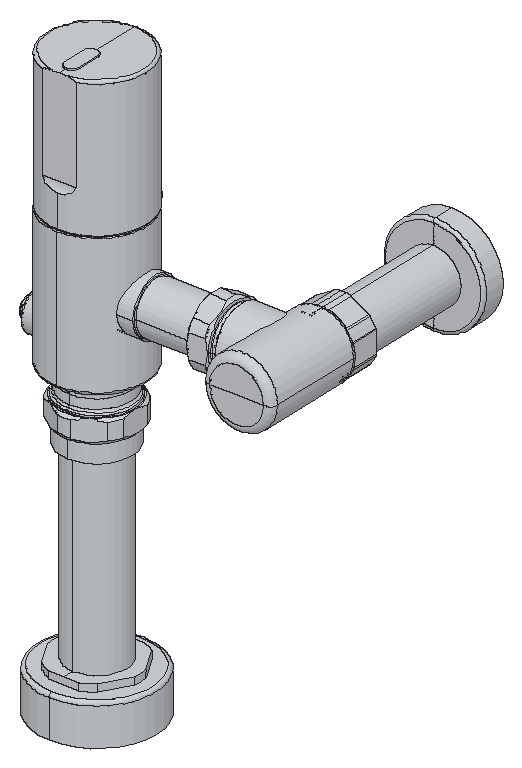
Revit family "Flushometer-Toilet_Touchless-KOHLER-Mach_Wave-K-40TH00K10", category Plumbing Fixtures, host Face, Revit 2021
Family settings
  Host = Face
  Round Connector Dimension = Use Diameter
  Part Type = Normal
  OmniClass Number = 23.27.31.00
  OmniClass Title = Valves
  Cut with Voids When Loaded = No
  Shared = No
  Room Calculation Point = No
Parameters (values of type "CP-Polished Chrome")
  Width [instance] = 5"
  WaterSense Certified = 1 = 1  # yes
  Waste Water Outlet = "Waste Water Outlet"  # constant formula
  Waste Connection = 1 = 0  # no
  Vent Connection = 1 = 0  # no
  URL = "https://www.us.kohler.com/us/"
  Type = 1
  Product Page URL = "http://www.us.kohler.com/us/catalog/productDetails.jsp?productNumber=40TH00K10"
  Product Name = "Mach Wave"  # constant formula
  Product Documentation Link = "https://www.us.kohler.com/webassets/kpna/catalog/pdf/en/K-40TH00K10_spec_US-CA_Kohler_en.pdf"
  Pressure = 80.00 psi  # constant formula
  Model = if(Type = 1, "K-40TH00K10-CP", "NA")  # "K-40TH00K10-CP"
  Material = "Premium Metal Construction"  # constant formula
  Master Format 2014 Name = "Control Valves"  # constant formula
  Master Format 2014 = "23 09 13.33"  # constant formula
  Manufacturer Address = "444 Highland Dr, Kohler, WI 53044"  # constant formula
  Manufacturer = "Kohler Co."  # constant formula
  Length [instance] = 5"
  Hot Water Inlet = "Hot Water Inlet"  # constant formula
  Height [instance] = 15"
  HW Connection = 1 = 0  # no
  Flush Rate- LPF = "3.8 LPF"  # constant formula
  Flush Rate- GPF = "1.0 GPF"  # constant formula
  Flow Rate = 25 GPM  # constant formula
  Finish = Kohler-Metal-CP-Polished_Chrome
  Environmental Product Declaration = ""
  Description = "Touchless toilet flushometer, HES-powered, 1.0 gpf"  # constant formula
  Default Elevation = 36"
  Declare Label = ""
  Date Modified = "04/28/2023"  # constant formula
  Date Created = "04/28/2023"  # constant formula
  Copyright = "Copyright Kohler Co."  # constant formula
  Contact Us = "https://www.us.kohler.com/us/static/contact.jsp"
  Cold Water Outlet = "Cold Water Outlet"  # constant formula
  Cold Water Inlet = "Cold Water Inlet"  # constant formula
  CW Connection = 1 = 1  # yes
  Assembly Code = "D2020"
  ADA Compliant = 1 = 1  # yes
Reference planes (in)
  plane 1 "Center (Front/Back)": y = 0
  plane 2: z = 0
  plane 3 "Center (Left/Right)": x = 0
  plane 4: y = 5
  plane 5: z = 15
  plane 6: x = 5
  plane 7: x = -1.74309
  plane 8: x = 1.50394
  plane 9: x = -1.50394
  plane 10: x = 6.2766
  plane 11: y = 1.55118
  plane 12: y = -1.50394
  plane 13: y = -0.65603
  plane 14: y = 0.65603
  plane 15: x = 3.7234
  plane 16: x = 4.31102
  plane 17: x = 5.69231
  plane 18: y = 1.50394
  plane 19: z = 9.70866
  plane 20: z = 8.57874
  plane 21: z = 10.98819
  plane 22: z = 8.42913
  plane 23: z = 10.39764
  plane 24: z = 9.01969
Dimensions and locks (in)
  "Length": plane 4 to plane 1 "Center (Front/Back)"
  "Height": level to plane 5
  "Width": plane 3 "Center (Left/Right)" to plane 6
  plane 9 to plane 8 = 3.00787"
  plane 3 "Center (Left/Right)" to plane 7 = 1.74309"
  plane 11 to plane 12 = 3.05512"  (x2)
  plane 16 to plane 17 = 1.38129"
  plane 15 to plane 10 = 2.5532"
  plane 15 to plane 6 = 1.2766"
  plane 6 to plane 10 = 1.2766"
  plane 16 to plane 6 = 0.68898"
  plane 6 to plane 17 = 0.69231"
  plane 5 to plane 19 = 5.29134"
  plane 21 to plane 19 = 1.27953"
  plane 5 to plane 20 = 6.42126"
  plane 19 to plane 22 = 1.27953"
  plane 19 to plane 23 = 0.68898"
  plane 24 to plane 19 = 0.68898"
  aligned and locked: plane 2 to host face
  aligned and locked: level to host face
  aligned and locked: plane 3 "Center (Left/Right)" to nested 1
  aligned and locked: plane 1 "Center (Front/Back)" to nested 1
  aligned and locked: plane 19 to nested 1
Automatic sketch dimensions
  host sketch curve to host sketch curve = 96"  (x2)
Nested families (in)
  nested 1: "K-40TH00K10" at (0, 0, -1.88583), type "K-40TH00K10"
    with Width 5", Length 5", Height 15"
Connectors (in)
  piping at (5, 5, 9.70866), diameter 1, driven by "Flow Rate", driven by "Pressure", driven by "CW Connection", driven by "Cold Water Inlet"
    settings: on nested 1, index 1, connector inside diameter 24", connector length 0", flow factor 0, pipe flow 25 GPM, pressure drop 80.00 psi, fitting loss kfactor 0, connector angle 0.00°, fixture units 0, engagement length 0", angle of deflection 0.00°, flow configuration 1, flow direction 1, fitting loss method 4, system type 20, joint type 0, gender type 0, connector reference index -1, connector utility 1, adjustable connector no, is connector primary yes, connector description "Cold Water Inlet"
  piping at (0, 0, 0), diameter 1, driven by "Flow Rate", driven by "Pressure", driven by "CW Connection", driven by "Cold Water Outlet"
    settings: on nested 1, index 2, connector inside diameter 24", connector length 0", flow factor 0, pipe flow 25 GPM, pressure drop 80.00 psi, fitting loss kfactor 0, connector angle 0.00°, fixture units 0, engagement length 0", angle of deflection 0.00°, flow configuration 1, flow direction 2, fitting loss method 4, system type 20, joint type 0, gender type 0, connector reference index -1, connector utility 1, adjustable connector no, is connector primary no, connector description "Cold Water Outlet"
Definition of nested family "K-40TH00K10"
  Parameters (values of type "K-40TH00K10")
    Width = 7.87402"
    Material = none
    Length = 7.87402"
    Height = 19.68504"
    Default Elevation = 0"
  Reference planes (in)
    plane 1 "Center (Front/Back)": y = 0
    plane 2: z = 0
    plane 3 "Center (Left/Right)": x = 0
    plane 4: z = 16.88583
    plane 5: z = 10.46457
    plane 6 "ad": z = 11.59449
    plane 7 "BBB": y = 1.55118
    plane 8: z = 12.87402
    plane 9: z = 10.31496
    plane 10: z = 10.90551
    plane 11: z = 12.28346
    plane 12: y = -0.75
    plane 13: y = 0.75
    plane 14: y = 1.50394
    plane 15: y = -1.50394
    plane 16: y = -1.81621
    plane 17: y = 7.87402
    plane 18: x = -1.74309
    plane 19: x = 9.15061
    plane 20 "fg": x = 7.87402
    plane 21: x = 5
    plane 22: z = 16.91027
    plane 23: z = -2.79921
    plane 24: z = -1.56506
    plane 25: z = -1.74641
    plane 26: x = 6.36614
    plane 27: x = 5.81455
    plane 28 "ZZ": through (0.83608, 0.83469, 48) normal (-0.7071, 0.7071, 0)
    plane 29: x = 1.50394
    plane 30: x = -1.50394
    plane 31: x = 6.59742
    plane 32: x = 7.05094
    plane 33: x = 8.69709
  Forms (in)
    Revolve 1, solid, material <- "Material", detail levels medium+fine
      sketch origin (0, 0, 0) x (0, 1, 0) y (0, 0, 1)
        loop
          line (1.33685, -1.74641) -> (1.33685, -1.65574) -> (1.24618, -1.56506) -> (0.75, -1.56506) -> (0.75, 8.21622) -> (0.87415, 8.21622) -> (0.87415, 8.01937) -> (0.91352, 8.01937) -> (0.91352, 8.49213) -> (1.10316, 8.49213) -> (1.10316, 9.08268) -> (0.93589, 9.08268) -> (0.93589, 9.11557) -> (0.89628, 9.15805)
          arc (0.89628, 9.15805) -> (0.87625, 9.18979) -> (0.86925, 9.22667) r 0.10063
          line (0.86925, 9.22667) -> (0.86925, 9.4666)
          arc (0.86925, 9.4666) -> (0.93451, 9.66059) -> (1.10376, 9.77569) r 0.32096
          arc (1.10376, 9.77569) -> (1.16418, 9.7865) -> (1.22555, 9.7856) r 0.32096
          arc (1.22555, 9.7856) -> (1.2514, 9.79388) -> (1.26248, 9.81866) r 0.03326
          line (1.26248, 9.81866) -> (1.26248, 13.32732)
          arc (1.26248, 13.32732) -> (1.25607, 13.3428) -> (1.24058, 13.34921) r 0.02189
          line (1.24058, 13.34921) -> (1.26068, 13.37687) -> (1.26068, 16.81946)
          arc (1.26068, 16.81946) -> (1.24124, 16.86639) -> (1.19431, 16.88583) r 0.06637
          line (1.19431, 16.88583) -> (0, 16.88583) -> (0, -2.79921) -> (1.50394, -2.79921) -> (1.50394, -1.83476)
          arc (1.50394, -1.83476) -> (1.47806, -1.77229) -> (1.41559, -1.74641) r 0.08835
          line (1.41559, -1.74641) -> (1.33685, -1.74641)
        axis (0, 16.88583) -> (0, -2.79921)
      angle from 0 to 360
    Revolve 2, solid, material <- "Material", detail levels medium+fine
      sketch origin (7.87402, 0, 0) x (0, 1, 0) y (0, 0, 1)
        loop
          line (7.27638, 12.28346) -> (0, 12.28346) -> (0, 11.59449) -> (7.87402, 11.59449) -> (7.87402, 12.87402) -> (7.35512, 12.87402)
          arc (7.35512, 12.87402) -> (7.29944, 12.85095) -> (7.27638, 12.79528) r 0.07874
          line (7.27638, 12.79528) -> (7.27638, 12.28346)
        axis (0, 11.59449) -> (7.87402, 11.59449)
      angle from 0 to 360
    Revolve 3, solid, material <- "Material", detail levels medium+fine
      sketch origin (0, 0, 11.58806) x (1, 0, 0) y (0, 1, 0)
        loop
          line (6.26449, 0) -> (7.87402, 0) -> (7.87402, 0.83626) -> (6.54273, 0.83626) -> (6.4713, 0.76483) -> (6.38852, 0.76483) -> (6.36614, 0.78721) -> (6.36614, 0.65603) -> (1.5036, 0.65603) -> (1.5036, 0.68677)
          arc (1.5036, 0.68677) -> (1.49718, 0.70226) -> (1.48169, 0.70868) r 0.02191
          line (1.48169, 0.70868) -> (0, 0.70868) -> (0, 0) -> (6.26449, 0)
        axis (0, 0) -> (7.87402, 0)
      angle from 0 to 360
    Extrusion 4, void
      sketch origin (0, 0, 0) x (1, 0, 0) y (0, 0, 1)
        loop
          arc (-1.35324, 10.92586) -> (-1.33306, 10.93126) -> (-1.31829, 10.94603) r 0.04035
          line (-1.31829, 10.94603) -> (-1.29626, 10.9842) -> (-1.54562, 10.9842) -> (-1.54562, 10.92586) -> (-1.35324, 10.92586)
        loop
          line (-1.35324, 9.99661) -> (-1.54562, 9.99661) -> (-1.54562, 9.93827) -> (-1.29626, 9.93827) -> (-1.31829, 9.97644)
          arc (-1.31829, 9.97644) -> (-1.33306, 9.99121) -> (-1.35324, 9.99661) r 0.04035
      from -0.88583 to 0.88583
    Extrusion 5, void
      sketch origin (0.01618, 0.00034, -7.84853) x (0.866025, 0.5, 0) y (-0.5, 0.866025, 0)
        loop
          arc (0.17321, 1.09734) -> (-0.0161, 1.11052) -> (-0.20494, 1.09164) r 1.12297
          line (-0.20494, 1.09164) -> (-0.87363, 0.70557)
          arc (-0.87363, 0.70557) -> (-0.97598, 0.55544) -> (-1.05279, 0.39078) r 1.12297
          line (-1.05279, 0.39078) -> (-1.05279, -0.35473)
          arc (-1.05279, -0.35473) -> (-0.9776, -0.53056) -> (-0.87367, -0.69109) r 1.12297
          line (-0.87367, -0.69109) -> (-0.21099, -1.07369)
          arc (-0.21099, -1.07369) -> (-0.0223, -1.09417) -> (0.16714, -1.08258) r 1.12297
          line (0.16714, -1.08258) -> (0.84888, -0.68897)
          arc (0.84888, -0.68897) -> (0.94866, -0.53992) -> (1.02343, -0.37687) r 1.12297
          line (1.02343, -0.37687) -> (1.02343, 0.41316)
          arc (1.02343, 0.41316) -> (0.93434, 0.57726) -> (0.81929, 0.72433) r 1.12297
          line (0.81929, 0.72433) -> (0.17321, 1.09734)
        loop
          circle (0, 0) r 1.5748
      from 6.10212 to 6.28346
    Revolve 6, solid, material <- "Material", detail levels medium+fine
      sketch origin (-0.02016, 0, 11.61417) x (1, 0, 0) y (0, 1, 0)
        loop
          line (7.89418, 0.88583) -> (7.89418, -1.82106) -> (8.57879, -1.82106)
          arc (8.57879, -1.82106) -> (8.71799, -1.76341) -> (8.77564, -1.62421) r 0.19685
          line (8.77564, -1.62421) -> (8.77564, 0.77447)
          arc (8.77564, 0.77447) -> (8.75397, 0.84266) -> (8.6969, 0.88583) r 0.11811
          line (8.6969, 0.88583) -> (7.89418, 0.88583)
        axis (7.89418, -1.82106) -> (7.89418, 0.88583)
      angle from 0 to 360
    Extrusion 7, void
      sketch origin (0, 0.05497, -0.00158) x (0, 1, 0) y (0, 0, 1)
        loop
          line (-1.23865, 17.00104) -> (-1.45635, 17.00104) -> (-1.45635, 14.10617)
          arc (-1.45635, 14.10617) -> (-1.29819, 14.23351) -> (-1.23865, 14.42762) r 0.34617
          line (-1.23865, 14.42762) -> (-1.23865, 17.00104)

#####

Exercise:
What should be set down is every line from the opening of the records through the line that contains "OmniClass Number = 23.27.31.00", exactly, with pictures left out.

Reply:
Revit family "Flushometer-Toilet_Touchless-KOHLER-Mach_Wave-K-40TH00K10", category Plumbing Fixtures, host Face, Revit 2021
Family settings
  Host = Face
  Round Connector Dimension = Use Diameter
  Part Type = Normal
  OmniClass Number = 23.27.31.00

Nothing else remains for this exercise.